Aqueles que não conseguem
ver sentido na vida e no mundo devem orar “venha o teu reino, seja feita a tua
vontade assim na terra como no céu e santificado seja o teu nome”. De fato, não
pode haver sentido num mundo dominado por outro alguém que não seja Deus, onde
a vontade de Deus é desconsiderada e desobedecida, e onde a pessoa e o caráter
de Deus são blasfemados e negligenciados.

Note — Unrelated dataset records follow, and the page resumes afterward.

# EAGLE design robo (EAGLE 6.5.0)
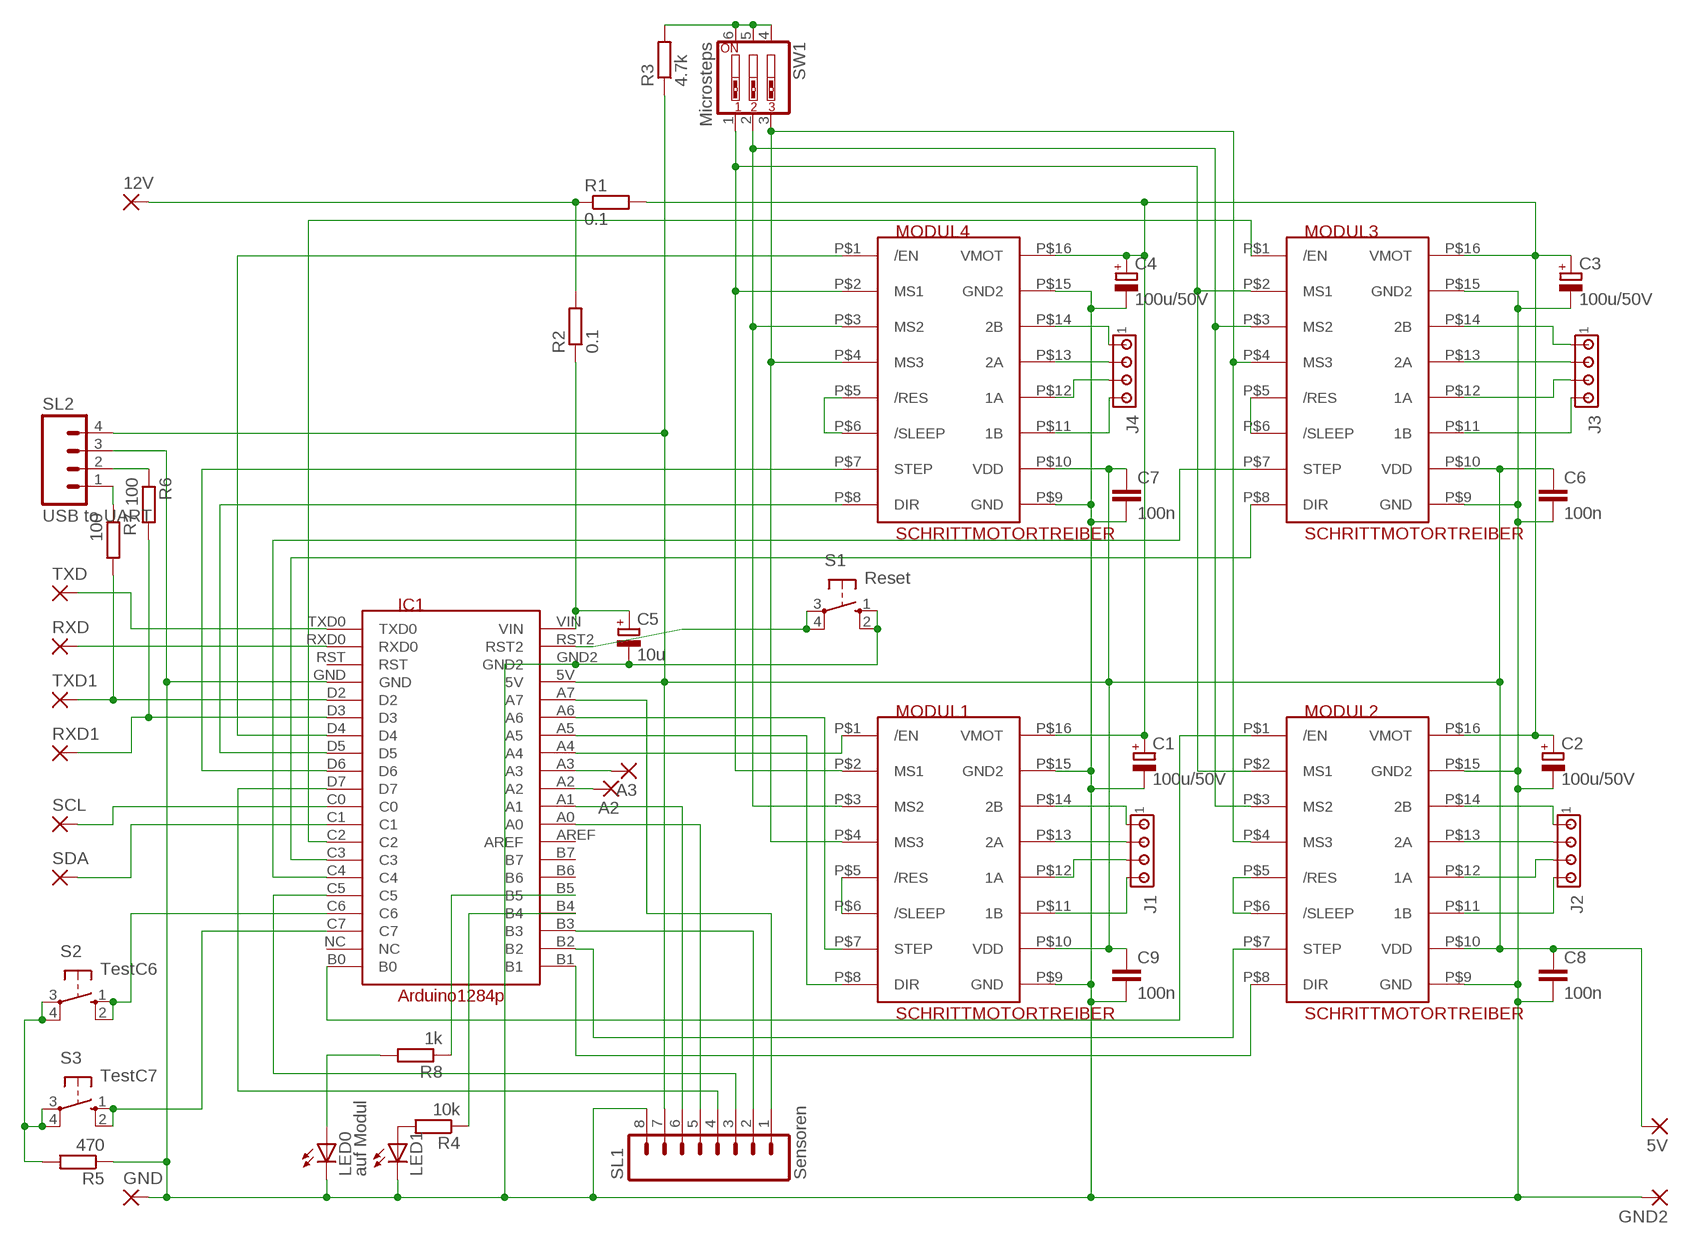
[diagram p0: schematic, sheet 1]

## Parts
5V  WIREPAD2,54/0,9  [2,54/0,9]
12V  WIREPAD3,17/1,1  [3,17/1,1]
A2  WIREPAD2,54/0,9  [2,54/0,9]
A3  WIREPAD2,54/0,9  [2,54/0,9]
C1  100u/50V  CPOL-EUE3.5-8  [E3,5-8]
C2  100u/50V  CPOL-EUE3.5-8  [E3,5-8]
C3  100u/50V  CPOL-EUE3.5-8  [E3,5-8]
C4  100u/50V  CPOL-EUE3.5-8  [E3,5-8]
C5  10u  CPOL-EUE2.5-6  [E2,5-6]
C6  100n  C2,5-3  [C2.5-3]
C7  100n  C2,5-3  [C2.5-3]
C8  100n  C2,5-3  [C2.5-3]
C9  100n  C2,5-3  [C2.5-3]
GND  WIREPAD3,17/1,1  [3,17/1,1]
GND2  WIREPAD2,54/0,9  [2,54/0,9]
IC1  Arduino1284p  ARDUINO1284P  [ARDUINO1284P]
J1  MTA04-100  [10X04MTA]
J2  MTA04-100  [10X04MTA]
J3  MTA04-100  [10X04MTA]
J4  MTA04-100  [10X04MTA]
LED0  auf Modul  LED3MM  [LED3MM]
LED1  LED3MM  [LED3MM]
MODUL1  SCHRITTMOTORTREIBER  [SCHRITTMOTORTREIBER]
MODUL2  SCHRITTMOTORTREIBER  [SCHRITTMOTORTREIBER]
MODUL3  SCHRITTMOTORTREIBER  [SCHRITTMOTORTREIBER]
MODUL4  SCHRITTMOTORTREIBER  [SCHRITTMOTORTREIBER]
R1  0.1  R-EU_0204/7  [0204/7]
R2  0.1  R-EU_0204/7  [0204/7]
R3  4.7k  R-EU_0204/7  [0204/7]
R4  10k  R-EU_0204/7  [0204/7]
R5  470  R-EU_0204/7  [0204/7]
R6  100  R-EU_0207/12  [0207/12]
R7  100  R-EU_0207/12  [0207/12]
R8  1k  R-EU_0204/7  [0204/7]
RXD  WIREPAD2,54/0,9  [2,54/0,9]
RXD1  WIREPAD2,54/0,9  [2,54/0,9]
S1  Reset  10-XX  [B3F-10XX]
S2  TestC6  10-XX  [B3F-10XX]
S3  TestC7  10-XX  [B3F-10XX]
SCL  WIREPAD2,54/0,9  [2,54/0,9]
SDA  WIREPAD2,54/0,9  [2,54/0,9]
SL1  Sensoren  M08  [08P]
SL2  USB to UART  M04  [04P]
SW1  Microsteps  SW_DIP-3  [EDG-03]
TXD  WIREPAD2,54/0,9  [2,54/0,9]
TXD1  WIREPAD2,54/0,9  [2,54/0,9]

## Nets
GND [sehrdick]: C1.- C2.- C3.- C4.- C5.- C6.2 C7.2 C8.2 C9.2 GND2.1(P) GND.1(P) IC1.GND IC1.GND2 LED0.K(C) LED1.K(C) MODUL1.P$9(GND) MODUL1.P$15(GND2) MODUL2.P$9(GND) MODUL2.P$15(GND2) MODUL3.P$9(GND) MODUL3.P$15(GND2) MODUL4.P$9(GND) MODUL4.P$15(GND2) R5.1 S1.1(S) S1.2(S1) SL1.8 SL2.3
N$1 [dick]: J3.1 MODUL3.P$14(2B)
N$2 [dick]: J3.2 MODUL3.P$13(2A)
N$3 [dick]: J3.4 MODUL3.P$11(1B)
N$4: MODUL4.P$5(/RES) MODUL4.P$6(/SLEEP)
N$5: MODUL3.P$5(/RES) MODUL3.P$6(/SLEEP)
N$6: MODUL2.P$5(/RES) MODUL2.P$6(/SLEEP)
N$7: MODUL1.P$5(/RES) MODUL1.P$6(/SLEEP)
N$8 [dick]: J3.3 MODUL3.P$12(1A)
N$9 [dick]: J4.1 MODUL4.P$14(2B)
N$10 [dick]: J4.2 MODUL4.P$13(2A)
N$11 [dick]: J4.4 MODUL4.P$11(1B)
N$12 [dick]: J4.3 MODUL4.P$12(1A)
N$13 [dick]: J1.1 MODUL1.P$14(2B)
N$14 [dick]: J1.2 MODUL1.P$13(2A)
N$15 [dick]: J1.3 MODUL1.P$12(1A)
N$16 [dick]: J1.4 MODUL1.P$11(1B)
N$17 [dick]: J2.1 MODUL2.P$14(2B)
N$18 [dick]: J2.2 MODUL2.P$13(2A)
N$19 [dick]: J2.3 MODUL2.P$12(1A)
N$20 [dick]: J2.4 MODUL2.P$11(1B)
N$21 [sehrdick]: 12V.1(P) R1.1 R2.2
N$22: IC1.A0 SL1.5
N$23: IC1.A5 MODUL1.P$8(DIR)
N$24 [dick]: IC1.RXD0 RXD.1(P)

Quem vive com a sensação de que
alguma coisa está fora de lugar, que a vida é injusta, que muita que não
deveria acontecer, acontece, e que muita coisa que deveria acontecer, não
acontece, está certo. O mundo é assim mesmo. A solução para este dilema de
falta de sentido é a consumação do reino de Deus.
Quem vive com fome na alma
de que nada pode satisfazer plenamente, deve orar “o pão nosso de cada dia nos
dá hoje”, ou como seria melhor traduzido, “o pão nosso de amanhã, nos dá hoje”.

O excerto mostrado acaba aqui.